**Work required**
Would you repeat the entries beneath, with nothing changed?

**Entries supplied**
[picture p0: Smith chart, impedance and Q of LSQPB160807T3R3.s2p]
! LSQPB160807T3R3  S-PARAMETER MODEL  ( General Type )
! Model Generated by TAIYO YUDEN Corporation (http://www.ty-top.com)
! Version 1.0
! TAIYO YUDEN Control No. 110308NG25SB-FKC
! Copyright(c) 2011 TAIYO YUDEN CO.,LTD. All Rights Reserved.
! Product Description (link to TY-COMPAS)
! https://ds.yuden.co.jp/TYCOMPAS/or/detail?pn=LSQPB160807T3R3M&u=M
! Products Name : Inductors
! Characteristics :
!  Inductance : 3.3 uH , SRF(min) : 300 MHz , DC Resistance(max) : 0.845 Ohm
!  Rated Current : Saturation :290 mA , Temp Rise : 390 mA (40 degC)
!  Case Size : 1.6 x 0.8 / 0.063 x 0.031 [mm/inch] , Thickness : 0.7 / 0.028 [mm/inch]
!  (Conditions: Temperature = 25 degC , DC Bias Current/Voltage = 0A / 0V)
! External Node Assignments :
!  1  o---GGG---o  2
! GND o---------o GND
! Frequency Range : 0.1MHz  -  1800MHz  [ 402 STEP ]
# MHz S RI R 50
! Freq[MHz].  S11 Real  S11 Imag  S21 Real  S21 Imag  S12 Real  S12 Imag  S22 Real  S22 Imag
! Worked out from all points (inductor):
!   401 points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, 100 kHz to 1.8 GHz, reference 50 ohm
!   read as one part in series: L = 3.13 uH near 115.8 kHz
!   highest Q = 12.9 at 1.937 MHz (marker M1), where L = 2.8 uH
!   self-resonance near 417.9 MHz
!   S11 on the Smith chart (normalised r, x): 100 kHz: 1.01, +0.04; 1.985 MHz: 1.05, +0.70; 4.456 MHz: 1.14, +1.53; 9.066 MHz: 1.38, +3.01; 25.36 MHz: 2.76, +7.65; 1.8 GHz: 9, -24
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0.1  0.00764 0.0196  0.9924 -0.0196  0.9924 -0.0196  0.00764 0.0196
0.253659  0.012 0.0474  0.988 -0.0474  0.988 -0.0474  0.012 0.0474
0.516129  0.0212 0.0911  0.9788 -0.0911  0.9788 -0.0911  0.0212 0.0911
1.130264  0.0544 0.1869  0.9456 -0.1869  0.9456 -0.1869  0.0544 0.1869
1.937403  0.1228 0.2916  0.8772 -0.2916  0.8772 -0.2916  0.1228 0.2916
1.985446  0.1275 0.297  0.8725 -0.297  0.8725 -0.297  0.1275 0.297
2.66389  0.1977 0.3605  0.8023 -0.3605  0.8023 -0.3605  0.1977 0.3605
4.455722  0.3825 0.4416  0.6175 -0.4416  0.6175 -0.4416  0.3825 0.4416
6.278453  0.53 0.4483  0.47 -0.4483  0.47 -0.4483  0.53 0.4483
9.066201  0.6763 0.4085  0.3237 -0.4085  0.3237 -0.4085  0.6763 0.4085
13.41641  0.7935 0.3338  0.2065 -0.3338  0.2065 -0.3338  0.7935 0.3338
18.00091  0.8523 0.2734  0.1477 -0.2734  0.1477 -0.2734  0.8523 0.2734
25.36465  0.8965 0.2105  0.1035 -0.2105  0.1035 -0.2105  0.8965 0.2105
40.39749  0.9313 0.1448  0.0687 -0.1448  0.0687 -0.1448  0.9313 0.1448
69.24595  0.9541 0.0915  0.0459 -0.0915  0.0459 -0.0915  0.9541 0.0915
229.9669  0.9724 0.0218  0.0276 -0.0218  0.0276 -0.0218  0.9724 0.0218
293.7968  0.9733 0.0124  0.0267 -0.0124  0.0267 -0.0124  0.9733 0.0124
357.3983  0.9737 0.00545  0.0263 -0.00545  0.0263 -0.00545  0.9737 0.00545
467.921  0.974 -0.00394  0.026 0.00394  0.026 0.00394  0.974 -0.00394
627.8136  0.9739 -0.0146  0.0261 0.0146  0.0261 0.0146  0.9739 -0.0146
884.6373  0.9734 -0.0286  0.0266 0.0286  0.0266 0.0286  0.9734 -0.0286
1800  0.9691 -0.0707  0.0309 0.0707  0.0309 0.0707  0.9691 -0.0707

**Exercise result**
[picture p0: Smith chart, impedance and Q of LSQPB160807T3R3.s2p]
! LSQPB160807T3R3  S-PARAMETER MODEL  ( General Type )
! Model Generated by TAIYO YUDEN Corporation (http://www.ty-top.com)
! Version 1.0
! TAIYO YUDEN Control No. 110308NG25SB-FKC
! Copyright(c) 2011 TAIYO YUDEN CO.,LTD. All Rights Reserved.
! Product Description (link to TY-COMPAS)
! https://ds.yuden.co.jp/TYCOMPAS/or/detail?pn=LSQPB160807T3R3M&u=M
! Products Name : Inductors
! Characteristics :
!  Inductance : 3.3 uH , SRF(min) : 300 MHz , DC Resistance(max) : 0.845 Ohm
!  Rated Current : Saturation :290 mA , Temp Rise : 390 mA (40 degC)
!  Case Size : 1.6 x 0.8 / 0.063 x 0.031 [mm/inch] , Thickness : 0.7 / 0.028 [mm/inch]
!  (Conditions: Temperature = 25 degC , DC Bias Current/Voltage = 0A / 0V)
! External Node Assignments :
!  1  o---GGG---o  2
! GND o---------o GND
! Frequency Range : 0.1MHz  -  1800MHz  [ 402 STEP ]
# MHz S RI R 50
! Freq[MHz].  S11 Real  S11 Imag  S21 Real  S21 Imag  S12 Real  S12 Imag  S22 Real  S22 Imag
! Worked out from all points (inductor):
!   401 points, 100 kHz to 1.8 GHz, reference 50 ohm
!   read as one part in series: L = 3.13 uH near 115.8 kHz
!   highest Q = 12.9 at 1.937 MHz (marker M1), where L = 2.8 uH
!   self-resonance near 417.9 MHz
!   S11 on the Smith chart (normalised r, x): 100 kHz: 1.01, +0.04; 1.985 MHz: 1.05, +0.70; 4.456 MHz: 1.14, +1.53; 9.066 MHz: 1.38, +3.01; 25.36 MHz: 2.76, +7.65; 1.8 GHz: 9, -24
0.1  0.00764 0.0196  0.9924 -0.0196  0.9924 -0.0196  0.00764 0.0196
0.253659  0.012 0.0474  0.988 -0.0474  0.988 -0.0474  0.012 0.0474
0.516129  0.0212 0.0911  0.9788 -0.0911  0.9788 -0.0911  0.0212 0.0911
1.130264  0.0544 0.1869  0.9456 -0.1869  0.9456 -0.1869  0.0544 0.1869
1.937403  0.1228 0.2916  0.8772 -0.2916  0.8772 -0.2916  0.1228 0.2916
1.985446  0.1275 0.297  0.8725 -0.297  0.8725 -0.297  0.1275 0.297
2.66389  0.1977 0.3605  0.8023 -0.3605  0.8023 -0.3605  0.1977 0.3605
4.455722  0.3825 0.4416  0.6175 -0.4416  0.6175 -0.4416  0.3825 0.4416
6.278453  0.53 0.4483  0.47 -0.4483  0.47 -0.4483  0.53 0.4483
9.066201  0.6763 0.4085  0.3237 -0.4085  0.3237 -0.4085  0.6763 0.4085
13.41641  0.7935 0.3338  0.2065 -0.3338  0.2065 -0.3338  0.7935 0.3338
18.00091  0.8523 0.2734  0.1477 -0.2734  0.1477 -0.2734  0.8523 0.2734
25.36465  0.8965 0.2105  0.1035 -0.2105  0.1035 -0.2105  0.8965 0.2105
40.39749  0.9313 0.1448  0.0687 -0.1448  0.0687 -0.1448  0.9313 0.1448
69.24595  0.9541 0.0915  0.0459 -0.0915  0.0459 -0.0915  0.9541 0.0915
229.9669  0.9724 0.0218  0.0276 -0.0218  0.0276 -0.0218  0.9724 0.0218
293.7968  0.9733 0.0124  0.0267 -0.0124  0.0267 -0.0124  0.9733 0.0124
357.3983  0.9737 0.00545  0.0263 -0.00545  0.0263 -0.00545  0.9737 0.00545
467.921  0.974 -0.00394  0.026 0.00394  0.026 0.00394  0.974 -0.00394
627.8136  0.9739 -0.0146  0.0261 0.0146  0.0261 0.0146  0.9739 -0.0146
884.6373  0.9734 -0.0286  0.0266 0.0286  0.0266 0.0286  0.9734 -0.0286
1800  0.9691 -0.0707  0.0309 0.0707  0.0309 0.0707  0.9691 -0.0707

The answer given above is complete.